Uso de ambu retrata colapso na saúde, risco à vida e desrespeito ao isolamento

Equipamento emergencial de suporte é usado de forma permanente em pacientes graves, em tempo de lotação agravada pela pandemia

Silvia Frias | 30/07/2020 11:21
No início da semana, Santa Casa recorreu ao respirador manual para atender pacientes (Foto: Santa Casa/Divulgação)
No início da semana, Santa Casa recorreu ao respirador manual para atender pacientes (Foto: Santa Casa/Divulgação)

A lotação da UTI (Unidade de Tratamento Intensivo) da Santa Casa, no início da semana, deu destaque ao aparelho que se tornou símbolo do colapso no sistema público de saúde.

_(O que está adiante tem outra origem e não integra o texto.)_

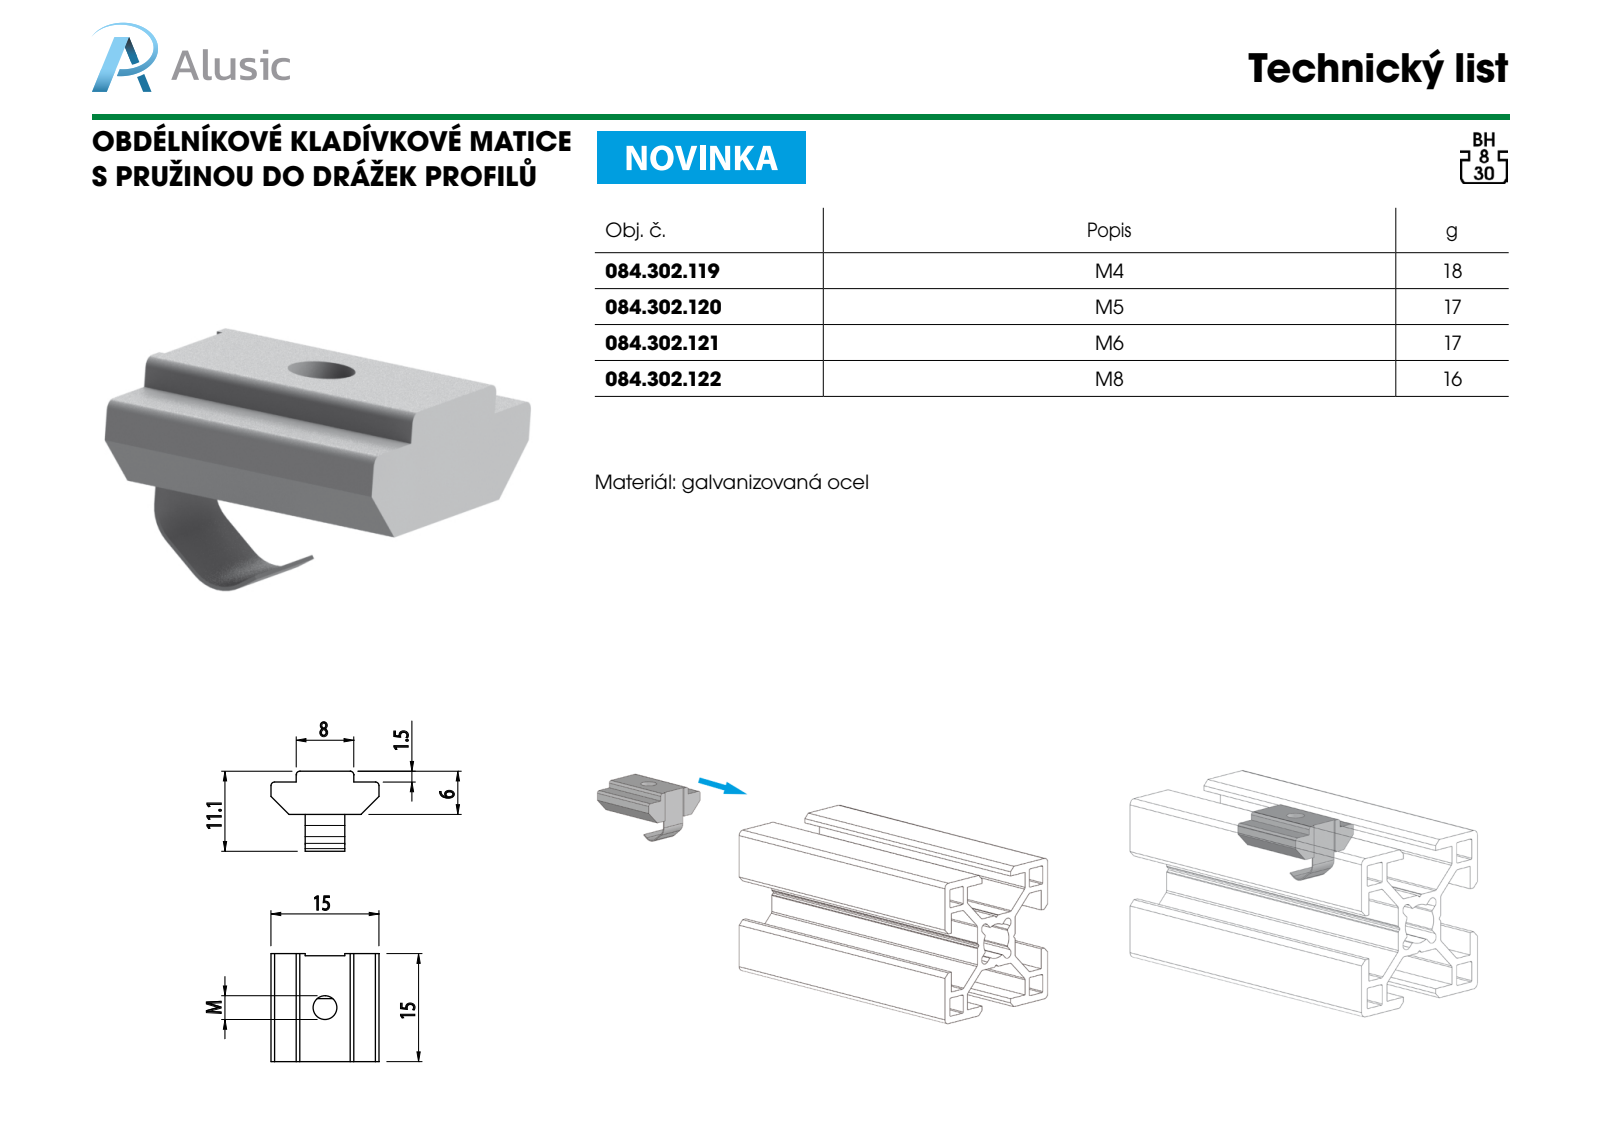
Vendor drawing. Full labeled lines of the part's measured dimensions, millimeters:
Part name (STEP PRODUCT): 084.302.121
STEP written by: SolidWorks 2016 (CONFIG_CONTROL_DESIGN)
Units: millimetres
Bodies: 1 solid, 34 faces (24 planar, 10 cylindrical, 0 other)
Overall size (bounding box): 15 × 15 × 11.1
Volume: 978 mm³ · Surface area: 883 mm²
Round holes (diameter × count): ⌀5 ×1
Partial cylindrical surfaces — rounded edges, fillets, slot ends (radius × count): R0.5 ×4, R2 ×2, R2.2 ×2
Main face-to-face distances: 4.5, 6, 1.5, 15, 14.7, 3.5, 11.5, 8, 0.5, 14.5

Criado há 64 anos como suporte emergencial à vida, o ambu ou respirador manual, é usado de forma permanente, quando não há outra alternativa, o que fatalmente deverá ocorrer novamente caso sejam mantidos os índices de acidentes de trânsito e de violência, indicativo da baixa adesão ao isolamento social.

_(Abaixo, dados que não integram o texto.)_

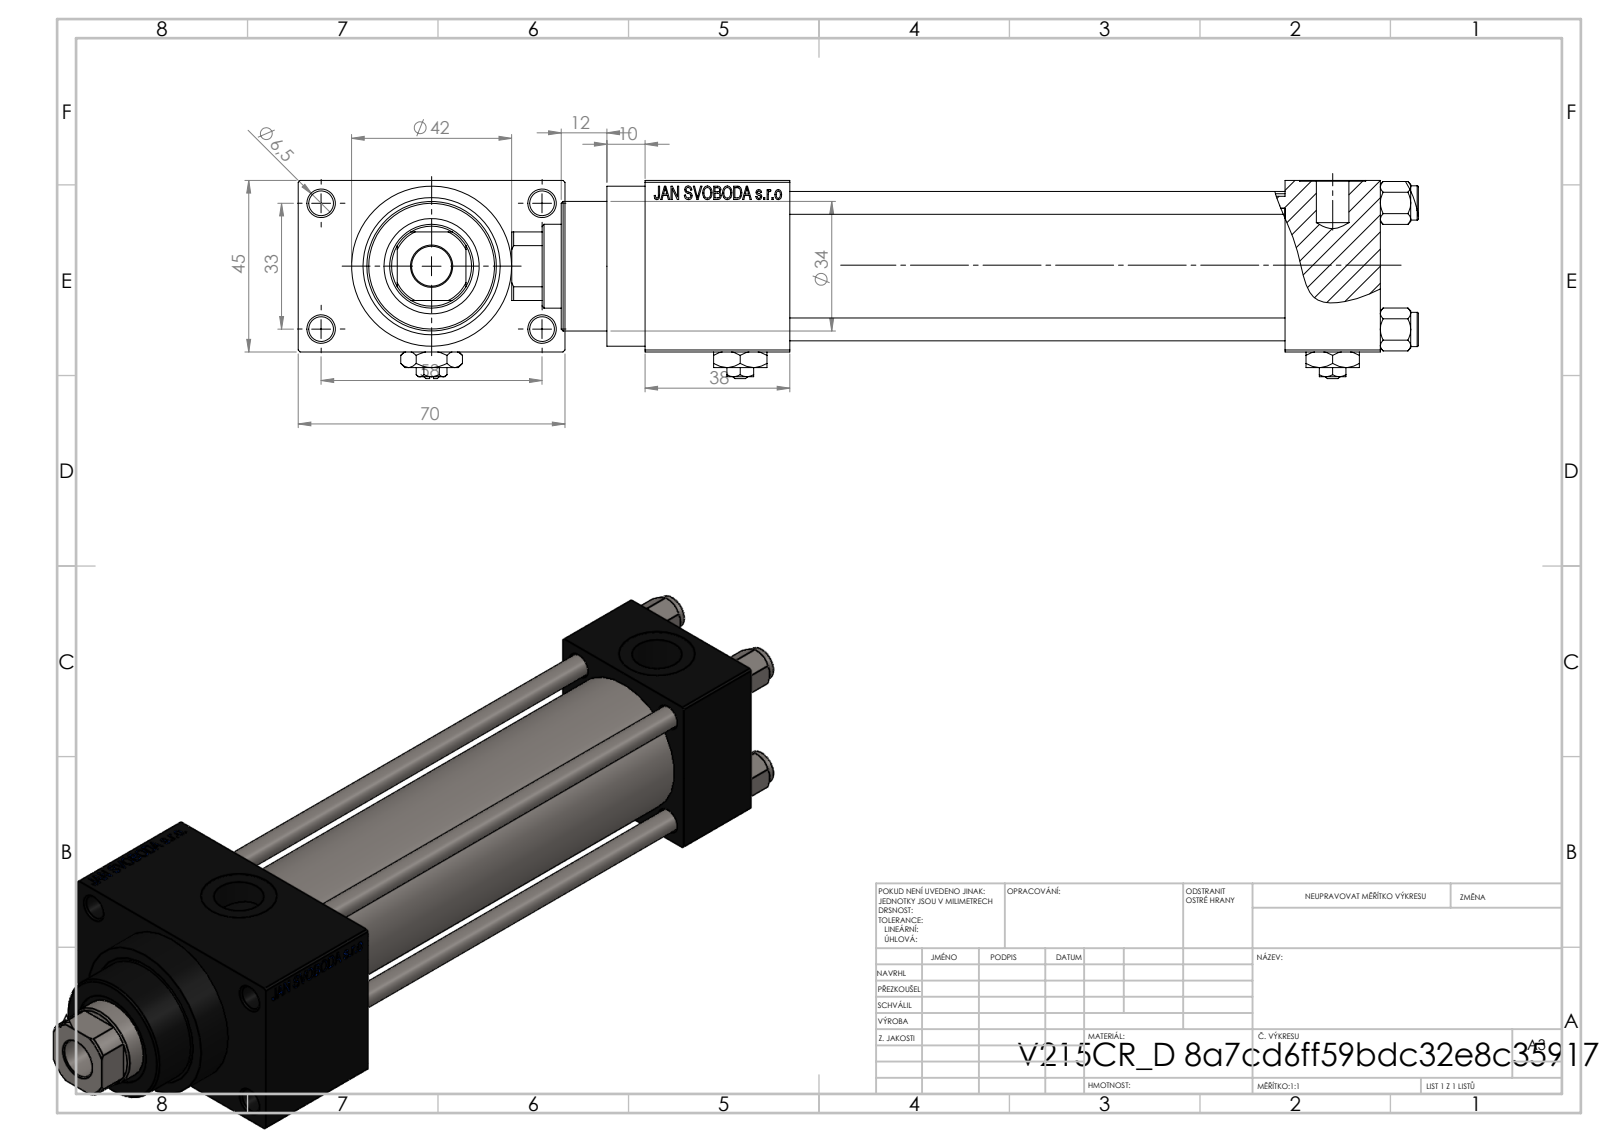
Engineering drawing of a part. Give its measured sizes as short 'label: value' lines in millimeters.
name: V215CR_D_TYCINKA; V215_VC_A; Zatka_pro_OIL_PORT; V215CR_D_Body (+2 more)
written by: SolidWorks 2019 (CONFIG_CONTROL_DESIGN)
unit: mm
bodies: 13 solids, 1204 faces (542 planar, 100 cylindrical, 562 other)
size: 238 × 70 × 52
volume: 309 095 mm³; area: 110 266 mm²
holes: 4× ⌀6, 4× ⌀6.5, 2× ⌀7, 2× ⌀13.16, 2× ⌀20, 1× ⌀10.5, 1× ⌀22, 1× ⌀24, 1× ⌀25, 1× ⌀32, 1× ⌀33
bosses: 4× ⌀9, 1× ⌀42, 1× ⌀38, 1× ⌀34
rounds: 1× R10.5
face distances: 45, 25, 12.5, 57.5, 130, 155, 168, 38, 70, 193
hole spacings: 12.4, 23.48, 33.2, 33.37, 35.35, 45.6, 56.35, 33

O equipamento serve de ventilação de apoio, para estabilização emergencial de casos graves e tem utilização vedada aos pacientes com covid-19. Por isso, está sendo destinado a outros casos, muitos relacionados a vítimas de acidente de trânsito e de violência, o que tem crescido, mesmo em período de restrições de mobilidade social impostas para conter no novo coronavírus.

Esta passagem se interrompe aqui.